Title of Artwork: “The Procession to Calvary”
Artwork by Pieter Bruegel the Elder
Year Created 1564
Summary of The Procession to Calvary
Painting by Pieter Bruegel the Elder, known as the Elder Pieter Bruegel, depicts Christ’s journey to Calvary in a large landscape. This piece is housed in Vienna’s Kunsthistorische Museum.
All About The Procession to Calvary
By comparison, this is the artist’s second-largest known painting. Niclaes Jonghelinck, the wealthy Antwerp collector, listed sixteen of his paintings in his inventory in 1566, including this one. Jonghelinck commissioned Bruegel’s Months, and he may have also commissioned this piece. The city of Antwerp purchased Jonghelinck’s Bruegels in the year of the inventory. Once in Prague, it was transferred to Vienna and then Paris, where Napoleon Bonaparte took it as a war prize until the end of the Napoleonic wars in 1809 (until he was forced to give it up in 1815).
Compositionally, this piece is out of character for Bruegel. Pieter Aertsen, Bruegel’s Antwerp contemporary, and the Brunswick Monogrammist both used a well-known scheme when depicting a solemn religious event. Mary and her companions are placed in an artificial foreground in order to distance them from what is going on behind them, which is a common technique in mannerist painting (see The Preaching of John the Baptist and The Conversion of Paul).
As he progressed through his career, Bruegel’s landscapes shifted from the expansive views of the Large landscape series to the remarkable naturalism of the Months. The landscape tradition of the Antwerp school, founded by Joachim Patinir, is characterised by rock outcrops like this one on the left. In particular, Herri met de Bles, Matthys Cock (the brother of Bruegel’s print publisher, Hieronymous Cock), and Cornelis Matsys had turned Patinir’s style into a popular, but stale formula. It is evident from the progression of Bruegel’s landscape drawings and paintings that he gradually abandoned this formula. However, in this instance, he is forced to rely on the pre-made landscape features of the Antwerp school in order to convey the Holy Land’s rocky, unfamiliar terrain.
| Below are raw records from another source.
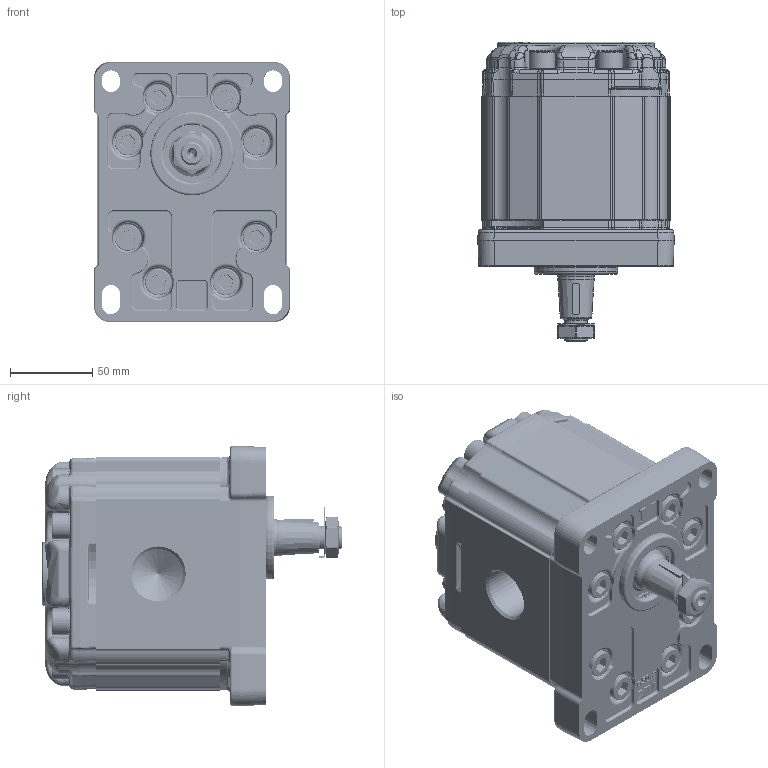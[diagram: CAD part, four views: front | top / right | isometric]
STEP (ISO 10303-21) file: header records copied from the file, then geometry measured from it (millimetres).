
FILE_DESCRIPTION(/* description */ ('Unknown'),/* implementation_level */ '2;1');
FILE_NAME(/* name */ 'X3P7201AEEA',/* time_stamp */ '2026-06-04T18:38:30+02:00',/* author */ ('Unknown'),/* organization */ ('Unknown'),/* preprocessor_version */ 'ST-DEVELOPER v16.7',/* originating_system */ 'Solid Edge',/* authorisation */ 'Unknown');
FILE_SCHEMA (('AUTOMOTIVE_DESIGN {1 0 10303 214 3 1 1}'));
Products named in the file (5): X3P7201AEEA; X3P01; 3A; X3EEH75; XP301-A
Assembly tree (4 placements, depth 2):
  X3P7201AEEA
    X3P01
    3A
    X3EEH75
    XP301-A
Bounding box: 119.2 x 182 x 157.8 mm (x, y, z)
Volume: 1922813.8 mm3; surface area: 216611.7 mm2
Topology: 4 solids, 5 shells, 4573 faces, 14020 edges, 8763 vertices
Faces by surface type: cylinder 1834, plane 1392, bspline 997, torus 200, cone 137, sphere 13
Full cylindrical faces by diameter (mm): 2 x2, 10 x16, 10.35 x30, 10.5 x1, 14 x2, 15.8 x16, 16 x16, 22 x1, 24.98 x1, 25 x2, 25.968 x1, 28.16 x1, 30.291 x2, 31 x1, 31.293 x1, 32.742 x1, 34.956 x1, 35 x1, 35.2 x1, 37 x1, 50.8 x1
Entity records: 310247 total; most frequent: CARTESIAN_POINT 163731, ORIENTED_EDGE 27124, DIRECTION 20337, EDGE_CURVE 13562, VERTEX_POINT 8626, AXIS2_PLACEMENT_3D 7739, FACE_BOUND 5020, EDGE_LOOP 5016

His paintings are full of vividness that comes from his careful observation of modern life, as seen in this detail at the right. Public executions were common in the 16th century, particularly in Flanders, which was plagued by political turmoil. Bruegel depicts the procession of the two criminals who were to be crucified alongside Christ. Both of them have crucifixes in their hands and are making their final confessions to the hooded priests standing nearby. Modern-day attire is worn by the thieves, their confessors, and the macabre onlookers who encircle the cart. Executions in Bruegel’s time were well-attended events that had the feel of a carnival. Bruegel depicts the adoring crowd’s complete disregard for the plight of the condemned men in this painting. To show the crowds at such events were prey to pickpockets and vendors, the artist shows them elsewhere in the picture. However, Bruegel doesn’t differentiate between the two robbers Christ was to bless.